--- Aim of the task ---
Check each line of the records below and collect those that include the word "diagram".
(Supplied entries)
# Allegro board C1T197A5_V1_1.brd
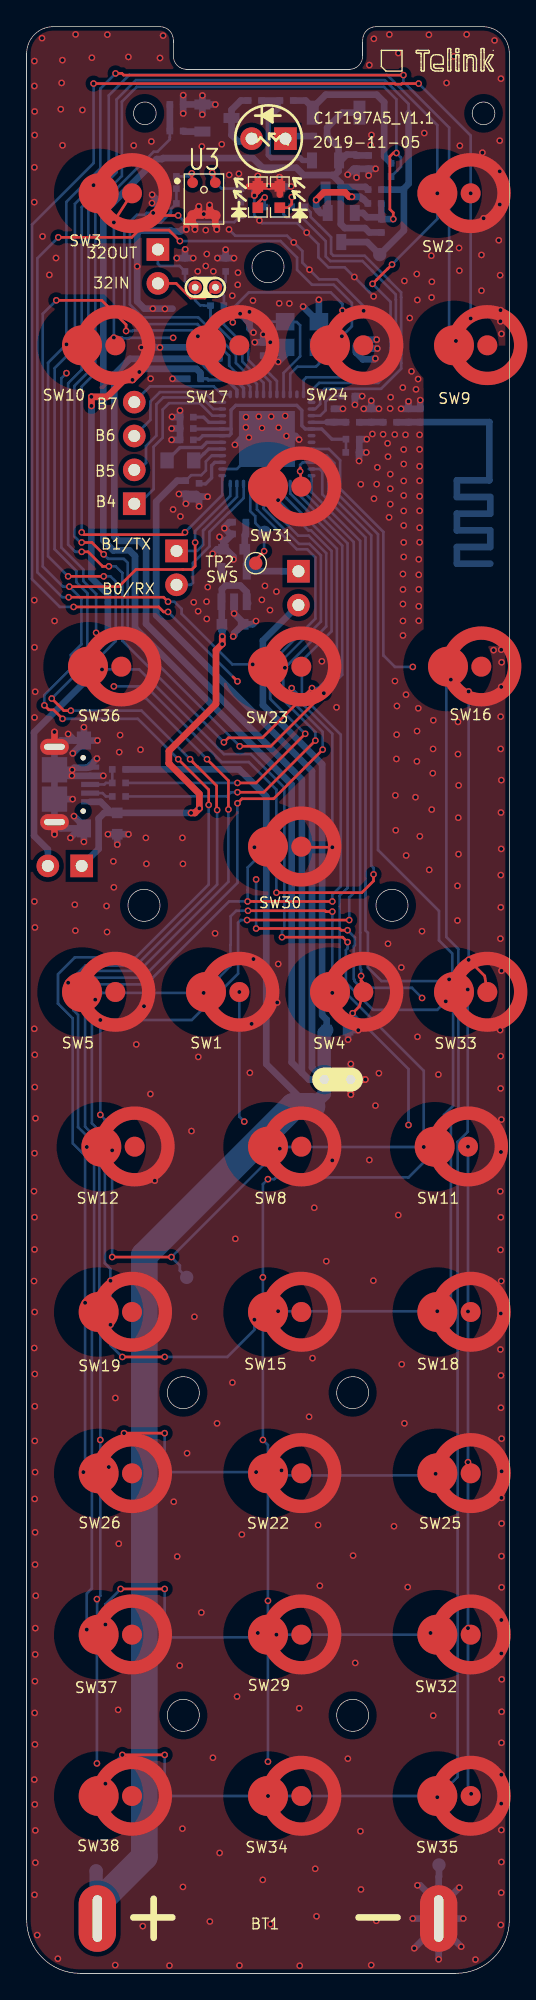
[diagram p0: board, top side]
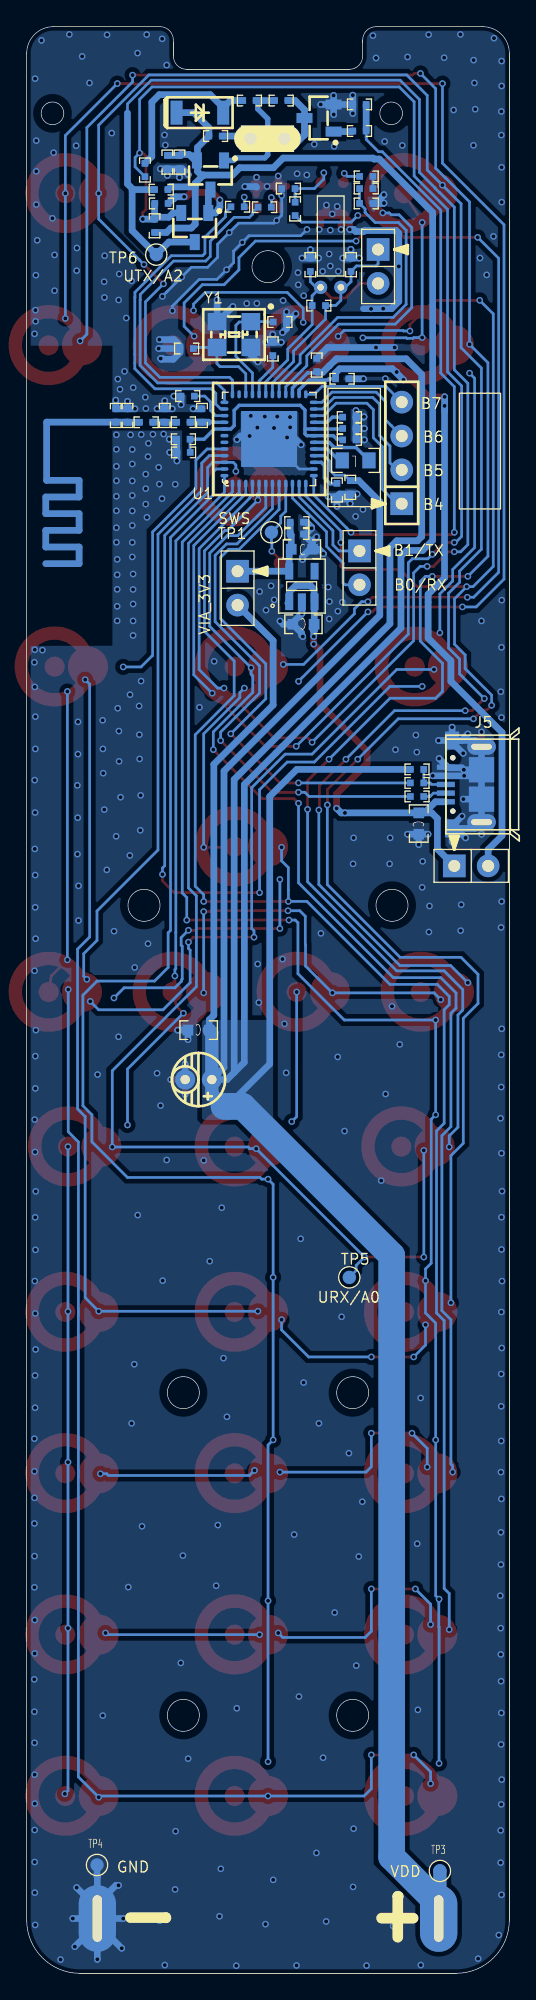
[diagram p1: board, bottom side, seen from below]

Outline 36.2 x 146 mm; copper layers: TOP, BOTTOM. Coordinates in mm from the lower left corner of the outline.
Outline path: circle c8.8,80.1 r1.2 ; circle c8.86,139.5 r0.85 ; circle c11.75,43.55 r1.2 ; circle c11.75,19.35 r1.2 ; circle c18.1,128 r1.2 ; circle c24.45,43.55 r1.2 ; circle c24.45,19.35 r1.2 ; circle c27.4,80.1 r1.2 ; circle c34.26,139.5 r0.85 ; 0,144 0,4 ; 0,144 arc(0.59,145.41) 2,146 10,146 arc(10.71,145.71) 11,145 ; 0,144 0,4 ; 0,4 arc(1.17,1.17) 4,0 ; 4,0 32.2,0 ; 4,0 32.2,0 ; 32.2,0 arc(35.03,1.17) 36.2,4 36.2,144 arc(35.61,145.41) 34.2,146 26.2,146 arc(25.49,145.71) 25.2,145 25.2,144.8 ; 11,145 11,144.8 ; 11,145 11,144.8 ; 11,144.8 11,143.8 arc(11.29,143.09) 12,142.8 ; 12,142.8 24.2,142.8 ; 12,142.8 24.2,142.8 ; 24.2,142.8 arc(24.91,143.09) 25.2,143.8 ; 25.2,144.8 25.2,143.8 ; 25.2,144.8 25.2,143.8

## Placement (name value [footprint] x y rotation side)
BT1  3V_2xAAA  [BAT_2DIP]  18.1 4.11 0 top
C1  NC  [0402]  23.05 116.84 270 bottom
C2  1.2pF  [0402]  25.84 116.84 270 bottom
C3  2.7pF  [0402]  28.64 116.84 270 bottom
C4  220pF  [0402]  24.45 116.33 0 bottom
C5  0.1uF  [0402]  24.45 115.06 180 bottom
C6  2.2uF  [0402]  24.43 114.07 180 bottom
C7  1uF  [0402]  24.12 118.29 0 bottom
C8  1.5pF  [0402]  29.52 116.84 90 bottom
C9  1uF  [0402]  17.74 121.83 270 bottom
C10  1uF  [0402]  14.45 120.62 90 bottom
C11  1uF  [0402]  12.54 119.59 180 bottom
C12  1uF  [0402]  12.93 111.25 90 bottom
C13  NC  [0402]  24.2 121.86 180 bottom
C14  NC  [0402]  17.21 123.85 0 bottom
C15  1uF  [0402]  11.93 111.45 90 bottom
C16  1uF  [0402]  12 115.01 0 bottom
C17  0.1uF  [0402]  12 115.86 0 bottom
C18  1uF  [0402]  12 116.71 0 bottom
C19  NC  [0402]  11.87 128.14 270 bottom
C20  NC  [0402]  14.92 128.14 270 bottom
C21  NC/10uF  [0603C]  15.56 106.81 180 bottom
C22  NC/0.1uF  [0402]  15.94 107.95 180 bottom
C23  NC/10uF  [0603C]  15.44 101.18 0 bottom
C24  10uF  [0603C]  23.3 70.74 0 bottom
C25  NC/10uF  [0603C]  6.79 86.23 270 bottom
C26  10nF  [0402]  10.73 134.77 0 bottom
C27  10pF  [0402]  10.73 132.74 180 bottom
C28  4.7uF  [0402]  16.57 133.86 0 bottom
C31  4.7uF  [0402]  24.74 135.84 270 bottom
C32  0.1uF  [0402]  25.65 135.84 270 bottom
C33  NC/1nF  [0402]  15.94 108.84 180 bottom
CD1  NC  [CD2P0_4P0B]  23.31 67.03 0 bottom
D1  Red_LED  [0603-LED]  17.34 133.22 90 top
D2  Red_LED  [0603-LED]  18.99 133.22 90 top
D3  LED  [LED_TH_2P54MM_2PIN]  18.14 137.6 0 top
D4  1N4148  [SOD80]  23.21 139.55 180 bottom
J1  NC/HEADER 4  [HDR254F-1X4X850]  8.07 117.84 270 bottom
J2  NC/HEADER 2  [HDR254F-1X2X850]  11.24 104.14 90 bottom
J3  HEADER 2  [HDR254F-1X2X850]  9.84 126.75 90 bottom
J4  NC/2PIN  [HDR254F-1X2X850]  20.38 102.62 90 bottom
J5  NC/USB_MiniABF  [MICROUSB_DIP]  4.76 87.87 90 bottom
J42  RF_SOC_5V  [HDR254F-1X2X850]  1.59 83.06 0 bottom
L1  2.7nH  [0402]  27.24 116.33 0 bottom
L3  4.7uH  [0805L]  11.53 113.47 0 bottom
Q1  A1015  [SOT-23]  22.41 134.87 0 bottom
Q2  C1815  [SOT-23]  14.27 139.15 90 bottom
Q3  C1815  [SOT-23]  23.59 130.94 0 bottom
R1  1K  [0402]  18.35 132.46 180 bottom
R2  1K  [0402]  20.38 132.49 180 bottom
R3  NC  [0402]  14.29 125.08 0 bottom
R4  NC/33  [0402]  6.92 88.27 180 bottom
R5  NC/33  [0402]  6.92 89.28 180 bottom
R6  NC/1.5K  [0402]  6.92 90.3 0 bottom
R7  0R  [0402]  16.06 132.33 90 bottom
R8  000R  [0402]  10.73 133.86 180 bottom
R10  1  [0402]  22.03 137.79 0 bottom
R11  NC  [0402]  11.24 140.17 180 bottom
R12  10K  [0402]  26.11 133.78 180 bottom
R13  100  [0402]  11.24 138.18 0 bottom
R14  10K  [0402]  17.11 140.46 0 bottom
R15  22K  [0402]  19.49 140.46 0 bottom
R16  10K  [0402]  26.09 132.74 180 bottom
R17  47K  [0402]  27.33 135.25 270 bottom
R18  NC  [0402]  26.61 131.06 90 bottom
SW1  SW2PIN  [SW_OUT6_IN3]  13.45 73.6 180 top
SW2  SW2PIN  [SW_OUT6_IN3]  30.8 133.5 180 top
SW3  SW2PIN  [SW_OUT6_IN3]  5.4 133.5 180 top
SW4  SW2PIN  [SW_OUT6_IN3]  22.75 73.6 180 top
SW5  SW2PIN  [SW_OUT6_IN3]  4.15 73.6 180 top
SW8  SW2PIN  [SW_OUT6_IN3]  18.1 62 180 top
SW9  SW2PIN  [SW_OUT6_IN3]  32.05 122.1 180 top
SW10  SW2PIN  [SW_OUT6_IN3]  4.15 122.1 180 top
SW11  SW2PIN  [SW_OUT6_IN3]  30.6 62 180 top
SW12  SW2PIN  [SW_OUT6_IN3]  5.6 62 180 top
SW15  SW2PIN  [SW_OUT6_IN3]  18.1 49.6 180 top
SW16  SW2PIN  [SW_OUT6_IN3]  31.6 98 180 top
SW17  SW2PIN  [SW_OUT6_IN3]  13.45 122.1 180 top
SW18  SW2PIN  [SW_OUT6_IN3]  30.8 49.6 180 top
SW19  SW2PIN  [SW_OUT6_IN3]  5.4 49.6 180 top
SW22  SW2PIN  [SW_OUT6_IN3]  18.1 37.5 180 top
SW23  SW2PIN  [SW_OUT6_IN3]  18.1 98 180 top
SW24  SW2PIN  [SW_OUT6_IN3]  22.75 122.1 180 top
SW25  SW2PIN  [SW_OUT6_IN3]  30.8 37.5 180 top
SW26  SW2PIN  [SW_OUT6_IN3]  5.4 37.5 180 top
SW29  SW2PIN  [SW_OUT6_IN3]  18.1 25.4 180 top
SW30  SW2PIN  [SW_OUT6_IN3]  18.1 84.5 180 top
SW31  SW2PIN  [SW_OUT6_IN3]  18.1 111.5 180 top
SW32  SW2PIN  [SW_OUT6_IN3]  30.8 25.4 180 top
SW33  SW2PIN  [SW_OUT6_IN3]  32.05 73.6 180 top
SW34  SW2PIN  [SW_OUT6_IN3]  18.1 13.3 180 top
SW35  SW2PIN  [SW_OUT6_IN3]  30.8 13.3 180 top
SW36  SW2PIN  [SW_OUT6_IN3]  4.6 98 180 top
SW37  SW2PIN  [SW_OUT6_IN3]  5.4 25.4 180 top
SW38  SW2PIN  [SW_OUT6_IN3]  5.4 13.3 180 top
TP1  SWS  [TP100]  17.84 108.08 180 bottom
TP2  SWS  [TP100]  17.18 105.76 0 top
TP3  VDD  [TP100]  5.21 7.68 180 bottom
TP4  GND  [TP100]  30.92 8.13 180 bottom
TP5  URX  [TP100]  12 52.2 180 bottom
TP6  UTX  [TP100]  26.48 128.91 180 bottom
U1  TLSR8278F1KET48  [QFN_7X7_48PIN_0P5_4P20X4P20]  18.02 115.08 90 bottom
U2  CE1132-33M  [SOT-23-5]  15.56 104.01 180 bottom
U3  MWW7037AT2  [GA_BFA423_A83]  13.3 133.07 0 top
Y1  24MHz-12pF-+/-20ppm  [OSCCC250X320X110]  20.65 122.91 270 bottom
Y2  32.768KHz - 9pf - +/-20ppm  [OSC_2X6]  13.4 130.45 270 bottom

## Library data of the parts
BT1 = BATTERY_2xAAA_3V
C1-C4 C8 C19 C20 = C1608_NC
C5-C7 C9-C11 C22 C32 C33 = C1005X5R1C104K
C12 C15-C18 = C1005X5R1C105K
C13 C14 = C1005_NC
C21 C23 C25 = C1608X5R1A106K
C24 = C1608X5R0J106M
C26-C28 = C1608X5R0J475M
C31 = C1608X5R1A226M
CD1 = CD_220uF_16V
D1 D2 = 0603D_Red
D3 = Led_Th_3mm_1: User Part Number: partnum; Tolerance: RichardLC
D4 = Diode_1N4148
J1 = HEADER 4: User Part Number: pn; Tolerance: RichardLC
J2 J3 = HEADER 2: User Part Number: pn; Tolerance: RichardLC
J4 = B2S_2: User Part Number: pn; Tolerance: RichardLC
J5 = USB_MiniABF_2
J42 = B2S_3: User Part Number: pn; Tolerance: RichardLC
L1 = MLK1608_000R
L3 = IND_0
Q1 = PNP_A1015
Q2 Q3 = NPN_C1815
R1 R2 R6-R8 = RS0402K472JT
R3 = RS0603K102JT
R4 R5 = RS0402K330JT
R10 = RS0805K1R0JT
R11 R18 = RS0402_NC
R12 R14 R16 = RS0402K103JT
R13 = RS0402K101JT
R15 = RS0402K223JT
R17 = RS0402K473JT
SW1-SW5 SW8-SW12 SW15-SW19 SW22-SW26 SW29-SW38 = SW2PIN_0
TP1-TP6 = TestPad100
U1 = TLSR8278F1KET48_2
U2 = XC6219_6.3V_SOT-23-5
U3 = MULPS4CX-RM5_0
Y1 = CRYSTAL4/SM_0: Tolerance: RichardLC
Y2 = OSC_2x6_2pin_16Mhz

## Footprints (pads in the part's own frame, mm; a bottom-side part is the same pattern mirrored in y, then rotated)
0402
  rect 0.5x0.5 smd: 1(-0.5,0) 2(0.5,0)
0603-LED
  rect 0.8x0.8 smd: A(-0.8,0) C(0.8,0)
0603C
  rect 0.8x0.8 smd: 1(-0.8,0) 2(0.8,0)
0805L
  rect 1x1.2 smd: 1(-1,0) 2(1,0)
BAT_2DIP
  oval 2.8x5 hole 0.7x3.5: 1(-12.8,0) 2(12.8,0)
CD2P0_4P0B
  round 1.5 hole 0.7: 1(-1,0) 2(1,0)
GA_BFA423_A83
  round 0.8 smd: 1(-0.85,1.23) 2(-0.85,-1.23) 3(0.85,-1.23) 4(0.85,1.23)
HDR254F-1X2X850
  rect 1.7x1.7 hole 0.9: 1(2.54,0)
  round 1.7 hole 0.9: 2(0,0)
HDR254F-1X4X850
  rect 1.7x1.7 hole 0.9: 1(7.62,0)
  round 1.7 hole 0.9: 2(5.08,0) 3(2.54,0) 4(0,0)
LED_TH_2P54MM_2PIN
  rect 1.7x1.7 hole 0.9: A(1.27,0)
  round 1.7 hole 0.9: C(-1.27,0)
MICROUSB_DIP
  round 0.4 hole 0.6 unplated: (-0.7,-0.525) (3.3,-0.525)
  rect 0.4x1.35 smd: 1(0,0) 2(0.65,0) 3(1.3,0) 4(1.95,0) 5(2.6,0)
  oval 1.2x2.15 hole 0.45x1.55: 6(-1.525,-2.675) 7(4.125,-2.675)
(End Supplied entries)
--- Exercise result ---
[diagram p0: board, top side]
[diagram p1: board, bottom side, seen from below]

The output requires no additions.